- [Instructions to follow]: Copy each line below holding "spatial".

- [Supplied data]:
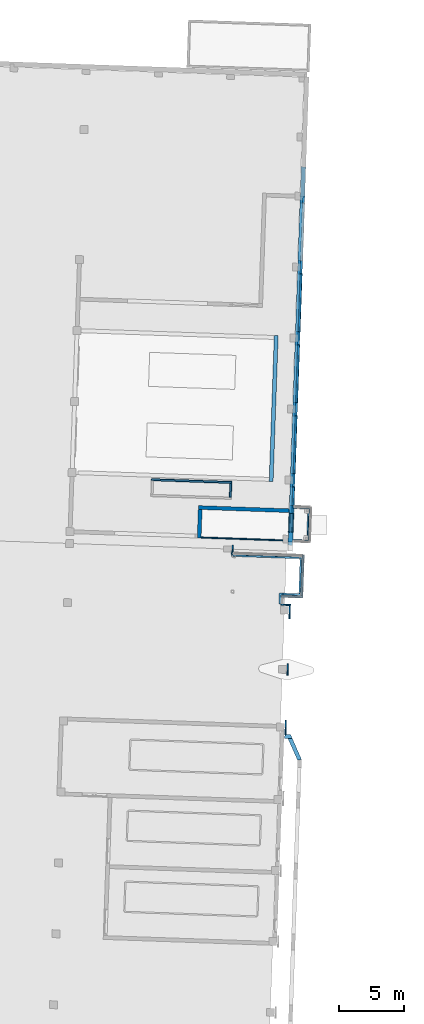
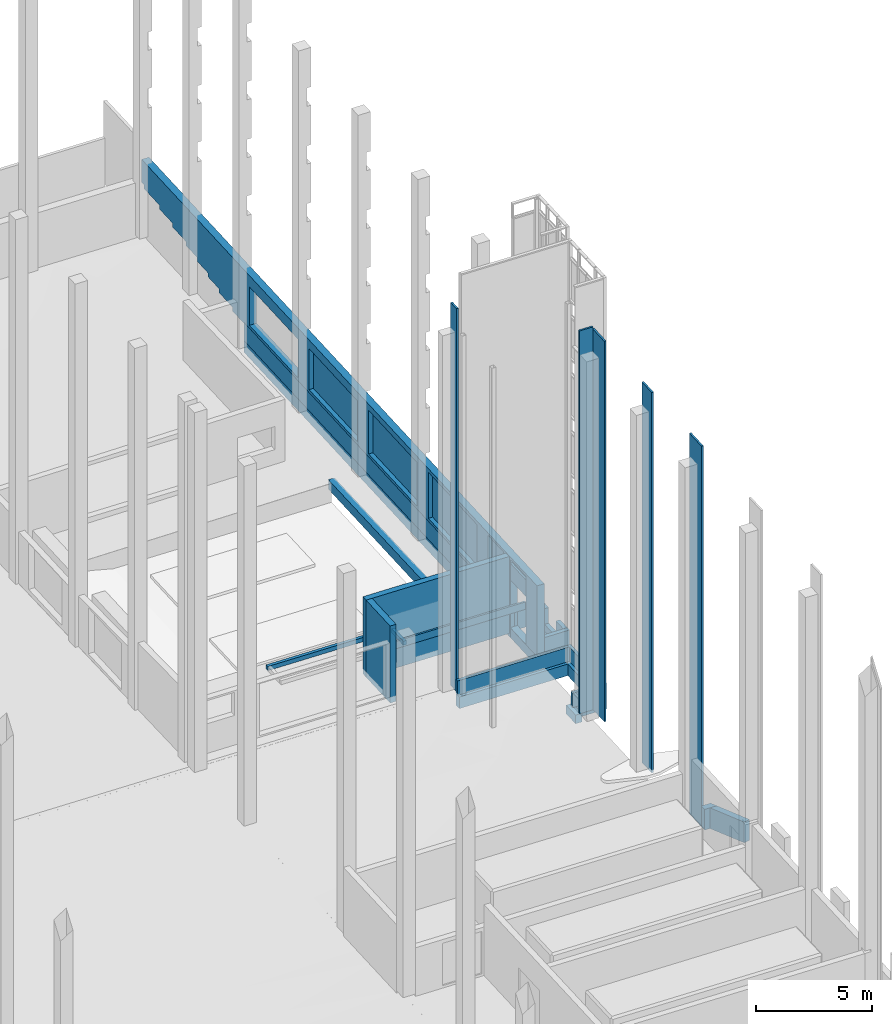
# One storey, part 37 of 44: 34 walls, 12 openings.
"""IFC2X3 building model written with IfcOpenShell, lengths in feet."""

from ifc_helpers import new_model, entity, si_unit, converted_unit, derived_unit, direction, frame, frame_2d, origin, origin_2d_with_axis, place, context, subcontext, project, spatial, polyline, rectangle, outline, extrude, clip, halfspace, material, layer, layer_set, layer_usage, type_object, element, save


model = new_model("IFC2X3")

# Units and contexts
model_context = context("Model", 3, precision=0.0001, world=origin(), true_north=direction((0.999390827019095, 0.0348994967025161)))
body_context = subcontext(model_context, "Body", "Model", "MODEL_VIEW")
ifc_project = project(units=[converted_unit("LENGTHUNIT", "FOOT", entity("IfcRatioMeasure", 0.3048), si_unit("LENGTHUNIT", "METRE"), dimensions=[1, 0, 0, 0, 0, 0, 0]), converted_unit("AREAUNIT", "SQUARE FOOT", entity("IfcRatioMeasure", 0.09290304), si_unit("AREAUNIT", "SQUARE_METRE"), dimensions=[2, 0, 0, 0, 0, 0, 0]), converted_unit("VOLUMEUNIT", "CUBIC FOOT", entity("IfcRatioMeasure", 0.028316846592), si_unit("VOLUMEUNIT", "CUBIC_METRE"), dimensions=[3, 0, 0, 0, 0, 0, 0]), converted_unit("PLANEANGLEUNIT", "DEGREE", entity("IfcRatioMeasure", 0.0174532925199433), si_unit("PLANEANGLEUNIT", "RADIAN"), dimensions=[0, 0, 0, 0, 0, 0, 0]), si_unit("MASSUNIT", "GRAM", prefix="KILO"), si_unit("TIMEUNIT", "SECOND"), si_unit("FREQUENCYUNIT", "HERTZ"), si_unit("THERMODYNAMICTEMPERATUREUNIT", "DEGREE_CELSIUS"), derived_unit("THERMALTRANSMITTANCEUNIT", [(si_unit("MASSUNIT", "GRAM", prefix="KILO"), 1), (si_unit("THERMODYNAMICTEMPERATUREUNIT", "KELVIN"), -1), (si_unit("TIMEUNIT", "SECOND"), -3)]), derived_unit("VOLUMETRICFLOWRATEUNIT", [(si_unit("LENGTHUNIT", "METRE"), 3), (si_unit("TIMEUNIT", "SECOND"), -1)]), si_unit("ELECTRICCURRENTUNIT", "AMPERE"), si_unit("ELECTRICVOLTAGEUNIT", "VOLT"), si_unit("POWERUNIT", "WATT"), si_unit("FORCEUNIT", "NEWTON"), si_unit("ILLUMINANCEUNIT", "LUX"), si_unit("LUMINOUSFLUXUNIT", "LUMEN"), si_unit("LUMINOUSINTENSITYUNIT", "CANDELA"), derived_unit("USERDEFINED", [(si_unit("MASSUNIT", "GRAM", prefix="KILO"), -1), (si_unit("LENGTHUNIT", "METRE"), -2), (si_unit("TIMEUNIT", "SECOND"), 3), (si_unit("LUMINOUSFLUXUNIT", "LUMEN"), 1)]), derived_unit("LINEARVELOCITYUNIT", [(si_unit("LENGTHUNIT", "METRE"), 1), (si_unit("TIMEUNIT", "SECOND"), -1)]), si_unit("PRESSUREUNIT", "PASCAL"), derived_unit("USERDEFINED", [(si_unit("LENGTHUNIT", "METRE"), -2), (si_unit("MASSUNIT", "GRAM", prefix="KILO"), 1), (si_unit("TIMEUNIT", "SECOND"), -2)])], contexts=[model_context])

# Site, building, storey
site_placement = place(None, frame((892.518771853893, 322.38689265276, 0.00393700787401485), z_axis=(0.0, 0.0, 1.0), x_axis=(0.0348994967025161, 0.999390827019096, 0.0)))
site = spatial("IfcSite", under=ifc_project, at=site_placement, Name="Default", CompositionType="ELEMENT")
building_placement = place(site_placement, origin())
building = spatial("IfcBuilding", under=site, at=building_placement, CompositionType="ELEMENT")
storey_placement = place(building_placement, frame((0.0, 0.0, 544.75)))
storey = spatial("IfcBuildingStorey", under=building, at=storey_placement, Name="Exist Garage - Ground Level", CompositionType="ELEMENT", Elevation=544.75)

# Wall, openings
ifc_material_1 = material(Name="Masonry - Brick")
ifc_layer_1 = layer(ifc_material_1, 0.302083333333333)
ifc_material_2 = material(Name="Misc. Air Layers - Air Space")
ifc_layer_2 = layer(ifc_material_2, 0.03125)
ifc_material_3 = material(Name="Concrete - Cast-in-Place Concrete_hatch surface")
ifc_layer_3 = layer(ifc_material_3, 0.833333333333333)
ifc_layer_set_1 = layer_set([ifc_layer_1, ifc_layer_2, ifc_layer_3], Name="Basic Wall:(existing)Exterior - Brick on Conc - 1'-2\"")
ifc_layer_usage_1 = layer_usage(ifc_layer_set_1, "AXIS2", "NEGATIVE", 0.583333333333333)
wall_type_1 = type_object("IfcWallType", Name="Basic Wall:(existing)Exterior - Brick on Conc - 1'-2\"", PredefinedType="STANDARD", material=ifc_layer_set_1)
wall_1_placement = place(storey_placement, frame((223.802293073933, 235.847286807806, 0.0), z_axis=(0.0, 0.0, 1.0), x_axis=(-1.0, 0.0, 0.0)))
wall_1 = element("IfcWallStandardCase", 1, at=wall_1_placement, inside=storey, type_object=wall_type_1, material=ifc_layer_usage_1, Name="Basic Wall:(existing)Exterior - Brick on Conc - 1'-2\"", ObjectType="Basic Wall:(existing)Exterior - Brick on Conc - 1'-2\"", context=body_context, shape_type="Clipping", body=[
    clip(clip(clip(extrude(rectangle(XDim=119.37687244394, YDim=1.16666666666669, at=frame_2d((59.68843622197, -1.16573417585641e-15), x_axis=(-1.0, 0.0))), origin(), (0.0, 0.0, 1.0), 12.2500000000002), halfspace(frame((30.8749999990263, 0.0, 2.30000000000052), z_axis=(-0.174095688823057, 0.0, -0.98472873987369), x_axis=(0.0, -1.0, 0.0)), False)), halfspace(frame((0.708333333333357, 0.0, 7.63333333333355), z_axis=(-0.685364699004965, 0.0, -0.728199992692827), x_axis=(0.0, -1.0, 0.0)), False)), halfspace(frame((47.375, 0.0, 0.0), z_axis=(-0.138059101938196, 0.0, -0.990423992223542), x_axis=(0.0, -1.0, 0.0)), False)),
])
opening_1_placement = place(wall_1_placement, origin())
element("IfcOpeningElement", 2, at=opening_1_placement, cuts=wall_1, Name="Basic Wall:(existing)Exterior - Brick on Conc - 1'-2\"", ObjectType="Opening", context=body_context, shape_type="SweptSolid", body=[
    extrude(rectangle(XDim=11.825, YDim=4.75093622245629, at=origin_2d_with_axis()), frame((113.668070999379, 0.583333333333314, 5.95416666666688), z_axis=(0.0, -1.0, 0.0), x_axis=(0.0, 0.0, 1.0)), (0.0, 0.0, 1.0), 1.16666666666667),
])
opening_2_placement = place(wall_1_placement, origin())
element("IfcOpeningElement", 3, at=opening_2_placement, cuts=wall_1, Name="Basic Wall:(existing)Exterior - Brick on Conc - 1'-2\"", ObjectType="Opening", context=body_context, shape_type="SweptSolid", body=[
    extrude(rectangle(XDim=8.22666666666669, YDim=4.75093622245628, at=frame_2d((0.0, 7.105427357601e-15), x_axis=(1.0, 0.0))), frame((106.917134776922, 0.583333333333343, 7.75333333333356), z_axis=(0.0, -1.0, 0.0), x_axis=(0.0, 0.0, 1.0)), (0.0, 0.0, 1.0), 1.16666666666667),
])
opening_3_placement = place(wall_1_placement, origin())
element("IfcOpeningElement", 4, at=opening_3_placement, cuts=wall_1, Name="Basic Wall:(existing)Exterior - Brick on Conc - 1'-2\"", ObjectType="Opening", context=body_context, shape_type="SweptSolid", body=[
    extrude(rectangle(XDim=8.00666666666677, YDim=14.6666666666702, at=frame_2d((-1.4210854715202e-14, -5.6843418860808e-14), x_axis=(0.0, 1.0))), frame((93.874999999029, 0.583333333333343, 7.64333333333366), z_axis=(0.0, -1.0, 0.0), x_axis=(1.0, 0.0, 0.0)), (0.0, 0.0, 1.0), 1.16666666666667),
])
opening_4_placement = place(wall_1_placement, origin())
element("IfcOpeningElement", 5, at=opening_4_placement, cuts=wall_1, Name="Basic Wall:(existing)Exterior - Brick on Conc - 1'-2\"", ObjectType="Opening", context=body_context, shape_type="SweptSolid", body=[
    extrude(rectangle(XDim=7.56666666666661, YDim=14.6666666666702, at=frame_2d((0.0, 0.0), x_axis=(0.0, 1.0))), frame((75.8749999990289, 0.583333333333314, 7.42333333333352), z_axis=(0.0, -1.0, 0.0), x_axis=(1.0, 0.0, 0.0)), (0.0, 0.0, 1.0), 1.16666666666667),
])
opening_5_placement = place(wall_1_placement, origin())
element("IfcOpeningElement", 6, at=opening_5_placement, cuts=wall_1, Name="Basic Wall:(existing)Exterior - Brick on Conc - 1'-2\"", ObjectType="Opening", context=body_context, shape_type="SweptSolid", body=[
    extrude(rectangle(XDim=7.11666666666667, YDim=14.6666666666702, at=frame_2d((0.0, 5.6843418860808e-14), x_axis=(0.0, 1.0))), frame((57.8749999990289, 0.583333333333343, 7.19833333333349), z_axis=(0.0, -1.0, 0.0), x_axis=(1.0, 0.0, 0.0)), (0.0, 0.0, 1.0), 1.16666666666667),
])
opening_6_placement = place(wall_1_placement, origin())
element("IfcOpeningElement", 7, at=opening_6_placement, cuts=wall_1, Name="Basic Wall:(existing)Exterior - Brick on Conc - 1'-2\"", ObjectType="Opening", context=body_context, shape_type="SweptSolid", body=[
    extrude(rectangle(XDim=6.66666666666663, YDim=14.6666666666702, at=frame_2d((0.0, -5.6843418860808e-14), x_axis=(0.0, 1.0))), frame((39.8749999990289, 0.583333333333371, 6.97333333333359), z_axis=(0.0, -1.0, 0.0), x_axis=(1.0, 0.0, 0.0)), (0.0, 0.0, 1.0), 1.16666666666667),
])
opening_7_placement = place(wall_1_placement, origin())
element("IfcOpeningElement", 8, at=opening_7_placement, cuts=wall_1, Name="Basic Wall:(existing)Exterior - Brick on Conc - 1'-2\"", ObjectType="Opening", context=body_context, shape_type="SweptSolid", body=[
    extrude(outline(polyline([(-1.53333333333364, -5.50000000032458), (0.766666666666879, -5.50000000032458), (0.766666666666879, 11.0), (-1.53333333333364, -5.50000000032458)])), frame((41.8749999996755, 0.583333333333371, 1.53333333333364), z_axis=(0.0, -1.0, 0.0), x_axis=(0.0, 0.0, 1.0)), (0.0, 0.0, 1.0), 1.16666666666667),
])
opening_8_placement = place(wall_1_placement, origin())
element("IfcOpeningElement", 9, at=opening_8_placement, cuts=wall_1, Name="Basic Wall:(existing)Exterior - Brick on Conc - 1'-2\"", ObjectType="Opening", context=body_context, shape_type="SweptSolid", body=[
    extrude(outline(polyline([(-2.82352941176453, -13.5980392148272), (-2.1568627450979, -13.5980392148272), (-2.1568627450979, -10.0980392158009), (-1.49019607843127, -10.0980392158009), (-1.49019607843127, -6.0980392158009), (-0.823529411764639, -6.0980392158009), (-0.823529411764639, -2.76470588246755), (-0.15686274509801, -2.76470588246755), (-0.15686274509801, 0.56862745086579), (0.509803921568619, 0.56862745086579), (0.509803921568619, 3.90196078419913), (1.17647058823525, 3.90196078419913), (1.17647058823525, 7.90196078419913), (1.84313725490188, 7.90196078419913), (1.84313725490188, 11.9019607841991), (2.5098039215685, 11.9019607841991), (2.5098039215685, 16.5686274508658), (-2.82352941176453, -13.5980392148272)])), frame((17.2769607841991, 0.583333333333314, 5.12352941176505), z_axis=(0.0, -1.0, 0.0), x_axis=(0.0, 0.0, 1.0)), (0.0, 0.0, 1.0), 1.16666666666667),
])
opening_9_placement = place(wall_1_placement, origin())
element("IfcOpeningElement", 10, at=opening_9_placement, cuts=wall_1, Name="Basic Wall:(existing)Exterior - Brick on Conc - 1'-2\"", ObjectType="Opening", context=body_context, shape_type="SweptSolid", body=[
    extrude(outline(polyline([(-0.444444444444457, -0.236111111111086), (0.222222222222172, -0.236111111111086), (0.222222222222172, 0.472222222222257), (-0.444444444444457, -0.236111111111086)])), frame((0.472222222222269, 0.583333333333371, 8.07777777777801), z_axis=(0.0, -1.0, 0.0), x_axis=(0.0, 0.0, 1.0)), (0.0, 0.0, 1.0), 1.16666666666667),
])

# Walls
ifc_layer_4 = layer(ifc_material_1, 0.302083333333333)
ifc_layer_set_2 = layer_set([ifc_layer_4], Name="Basic Wall:(Existing) Exterior - Brick Veneer 3 5/8\"")
ifc_layer_usage_2 = layer_usage(ifc_layer_set_2, "AXIS2", "POSITIVE", -0.151041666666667)
wall_type_2 = type_object("IfcWallType", Name="Basic Wall:(Existing) Exterior - Brick Veneer 3 5/8\"", PredefinedType="STANDARD", material=ifc_layer_set_2)
wall_2_placement = place(storey_placement, frame((102.177296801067, 250.418476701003, 0.0)))
element("IfcWallStandardCase", 11, at=wall_2_placement, inside=storey, type_object=wall_type_2, material=ifc_layer_usage_2, Name="Basic Wall:(Existing) Exterior - Brick Veneer 3 5/8\"", ObjectType="Basic Wall:(Existing) Exterior - Brick Veneer 3 5/8\"", context=body_context, shape_type="SweptSolid", body=[
    extrude(rectangle(XDim=1.75, YDim=0.302083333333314, at=frame_2d((0.875, 0.0), x_axis=(-1.0, 0.0))), origin(), (0.0, 0.0, 1.0), 66.25),
])
ifc_layer_usage_3 = layer_usage(ifc_layer_set_2, "AXIS2", "POSITIVE", -0.151041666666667)
wall_3_placement = place(storey_placement, frame((89.2762551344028, 235.566036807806, 0.0), z_axis=(0.0, 0.0, 1.0), x_axis=(0.0, 1.0, 0.0)))
element("IfcWallStandardCase", 12, at=wall_3_placement, inside=storey, type_object=wall_type_2, material=ifc_layer_usage_3, Name="Basic Wall:(Existing) Exterior - Brick Veneer 3 5/8\"", ObjectType="Basic Wall:(Existing) Exterior - Brick Veneer 3 5/8\"", context=body_context, shape_type="SweptSolid", body=[
    extrude(rectangle(XDim=2.15625000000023, YDim=0.302083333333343, at=frame_2d((1.07812500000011, 0.0), x_axis=(-1.0, 0.0))), origin(), (0.0, 0.0, 1.0), 66.25),
])
ifc_layer_usage_4 = layer_usage(ifc_layer_set_2, "AXIS2", "POSITIVE", -0.151041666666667)
wall_4_placement = place(storey_placement, frame((85.7606301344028, 235.41499514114, 0.0)))
element("IfcWallStandardCase", 13, at=wall_4_placement, inside=storey, type_object=wall_type_2, material=ifc_layer_usage_4, Name="Basic Wall:(Existing) Exterior - Brick Veneer 3 5/8\"", ObjectType="Basic Wall:(Existing) Exterior - Brick Veneer 3 5/8\"", context=body_context, shape_type="SweptSolid", body=[
    extrude(rectangle(XDim=3.66666666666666, YDim=0.302083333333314, at=frame_2d((1.83333333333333, 0.0), x_axis=(-1.0, 0.0))), origin(), (0.0, 0.0, 1.0), 65.8125),
])
ifc_layer_usage_5 = layer_usage(ifc_layer_set_2, "AXIS2", "POSITIVE", -0.151041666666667)
wall_5_placement = place(storey_placement, frame((56.4272542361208, 235.41499514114, 0.0)))
element("IfcWallStandardCase", 14, at=wall_5_placement, inside=storey, type_object=wall_type_2, material=ifc_layer_usage_5, Name="Basic Wall:(Existing) Exterior - Brick Veneer 3 5/8\"", ObjectType="Basic Wall:(Existing) Exterior - Brick Veneer 3 5/8\"", context=body_context, shape_type="SweptSolid", body=[
    extrude(rectangle(XDim=3.66666666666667, YDim=0.302083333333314, at=frame_2d((1.83333333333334, 0.0), x_axis=(-1.0, 0.0))), origin(), (0.0, 0.0, 1.0), 65.8125),
])
ifc_layer_usage_6 = layer_usage(ifc_layer_set_2, "AXIS2", "POSITIVE", -0.151041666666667)
wall_6_placement = place(storey_placement, frame((71.4272968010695, 235.41499514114, 0.0)))
element("IfcWallStandardCase", 15, at=wall_6_placement, inside=storey, type_object=wall_type_2, material=ifc_layer_usage_6, Name="Basic Wall:(Existing) Exterior - Brick Veneer 3 5/8\"", ObjectType="Basic Wall:(Existing) Exterior - Brick Veneer 3 5/8\"", context=body_context, shape_type="SweptSolid", body=[
    extrude(rectangle(XDim=3.00000000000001, YDim=0.302083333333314, at=frame_2d((1.50000000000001, 0.0), x_axis=(-1.0, 0.0))), origin(), (0.0, 0.0, 1.0), 65.8125),
])
ifc_layer_5 = layer(ifc_material_1, 0.302083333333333)
ifc_material_4 = material(Name="Insulation / Thermal Barriers - Rigid insulation")
ifc_layer_6 = layer(ifc_material_4, 0.0625)
ifc_material_5 = material(Name="Masonry - Concrete Masonry Units")
ifc_layer_7 = layer(ifc_material_5, 0.635416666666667)
ifc_layer_set_3 = layer_set([ifc_layer_5, ifc_layer_6, ifc_layer_7], Name="Basic Wall:(existing) Exterior - Brick on CMU - 1'-0\"")
ifc_layer_usage_7 = layer_usage(ifc_layer_set_3, "AXIS2", "NEGATIVE", 0.5)
wall_type_3 = type_object("IfcWallType", Name="Basic Wall:(existing) Exterior - Brick on CMU - 1'-0\"", PredefinedType="STANDARD", material=ifc_layer_set_3)
wall_7_placement = place(storey_placement, frame((55.9272542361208, 235.566036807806, 0.0), z_axis=(0.0, 0.0, 1.0), x_axis=(0.0, -1.0, 0.0)))
element("IfcWallStandardCase", 16, at=wall_7_placement, inside=storey, type_object=wall_type_3, material=ifc_layer_usage_7, Name="Basic Wall:(existing) Exterior - Brick on CMU - 1'-0\"", ObjectType="Basic Wall:(existing) Exterior - Brick on CMU - 1'-0\"", context=body_context, shape_type="SweptSolid", body=[
    extrude(outline(polyline([(1.95523648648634, -0.5), (1.46874999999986, 0.5), (0.302083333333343, 0.5), (0.0, 0.5), (0.0, -0.5), (0.843180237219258, -0.5), (1.95523648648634, -0.5)])), origin(), (0.0, 0.0, 1.0), 3.580078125),
])
ifc_layer_usage_8 = layer_usage(ifc_layer_set_3, "AXIS2", "NEGATIVE", 0.5)
wall_8_placement = place(storey_placement, frame((55.6459870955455, 234.273239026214, 0.0), z_axis=(0.0, 0.0, 1.0), x_axis=(-0.899235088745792, -0.437465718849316, 0.0)))
element("IfcWallStandardCase", 17, at=wall_8_placement, inside=storey, type_object=wall_type_3, material=ifc_layer_usage_8, Name="Basic Wall:(existing) Exterior - Brick on CMU - 1'-0\"", ObjectType="Basic Wall:(existing) Exterior - Brick on CMU - 1'-0\"", context=body_context, shape_type="SweptSolid", body=[
    extrude(outline(polyline([(6.00177259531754, -0.5), (6.2321104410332, 0.500000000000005), (0.486486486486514, 0.500000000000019), (0.0, -0.500000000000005), (6.00177259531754, -0.5)])), origin(), (0.0, 0.0, 1.0), 3.580078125),
])

# Wall, opening
ifc_material_6 = material(Name="Concrete - Cast-in-Place Concrete")
ifc_layer_8 = layer(ifc_material_6, 1.16666666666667)
ifc_layer_set_4 = layer_set([ifc_layer_8], Name="Basic Wall:(existing) Exterior - Below Grade Conc 14\"")
ifc_layer_usage_9 = layer_usage(ifc_layer_set_4, "AXIS2", "NEGATIVE", 0.583333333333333)
wall_type_4 = type_object("IfcWallType", Name="Basic Wall:(existing) Exterior - Below Grade Conc 14\"", PredefinedType="STANDARD", material=ifc_layer_set_4)
wall_9_placement = place(storey_placement, frame((192.927293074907, 235.847286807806, -2.01999999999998), z_axis=(0.0, 0.0, 1.0), x_axis=(-1.0, 0.0, 0.0)))
wall_9 = element("IfcWallStandardCase", 18, at=wall_9_placement, inside=storey, type_object=wall_type_4, material=ifc_layer_usage_9, Name="Basic Wall:(existing) Exterior - Below Grade Conc 14\"", ObjectType="Basic Wall:(existing) Exterior - Below Grade Conc 14\"", context=body_context, shape_type="Clipping", body=[
    clip(extrude(rectangle(XDim=80.4176028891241, YDim=1.16666666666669, at=frame_2d((40.2088014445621, 0.0), x_axis=(-1.0, 0.0))), origin(), (0.0, 0.0, 1.0), 2.01999999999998), halfspace(frame((68.0009362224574, 0.0, 0.0), z_axis=(0.0284448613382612, 0.0, -0.999595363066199), x_axis=(0.0, 1.0, 0.0)), False)),
])
opening_10_placement = place(wall_9_placement, origin())
element("IfcOpeningElement", 19, at=opening_10_placement, cuts=wall_9, Name="Basic Wall:(existing) Exterior - Below Grade Conc 14\"", ObjectType="Opening", context=body_context, shape_type="SweptSolid", body=[
    extrude(outline(polyline([(-4.14391448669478, -0.117730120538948), (8.27777845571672, -0.117730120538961), (-4.13386396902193, 0.235460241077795), (-4.14391448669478, -0.117730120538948)])), frame((72.1398251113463, 0.583333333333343, 0.235555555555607), z_axis=(0.0, -1.0, 0.0), x_axis=(0.999595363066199, 0.0, 0.0284448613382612)), (0.0, 0.0, 1.0), 1.16666666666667),
])

# Walls
ifc_layer_usage_10 = layer_usage(ifc_layer_set_4, "AXIS2", "POSITIVE", -0.583333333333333)
wall_10_placement = place(storey_placement, frame((105.260626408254, 235.847286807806, -1.66666666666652)))
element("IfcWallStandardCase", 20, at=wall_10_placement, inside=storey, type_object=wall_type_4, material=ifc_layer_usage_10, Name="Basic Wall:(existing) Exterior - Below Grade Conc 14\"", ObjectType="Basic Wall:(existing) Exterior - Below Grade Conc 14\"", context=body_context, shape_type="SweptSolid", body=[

- [Response to this exercise]:
from ifc_helpers import new_model, entity, si_unit, converted_unit, derived_unit, direction, frame, frame_2d, origin, origin_2d_with_axis, place, context, subcontext, project, spatial, polyline, rectangle, outline, extrude, clip, halfspace, material, layer, layer_set, layer_usage, type_object, element, save
site = spatial("IfcSite", under=ifc_project, at=site_placement, Name="Default", CompositionType="ELEMENT")
building = spatial("IfcBuilding", under=site, at=building_placement, CompositionType="ELEMENT")
storey = spatial("IfcBuildingStorey", under=building, at=storey_placement, Name="Exist Garage - Ground Level", CompositionType="ELEMENT", Elevation=544.75)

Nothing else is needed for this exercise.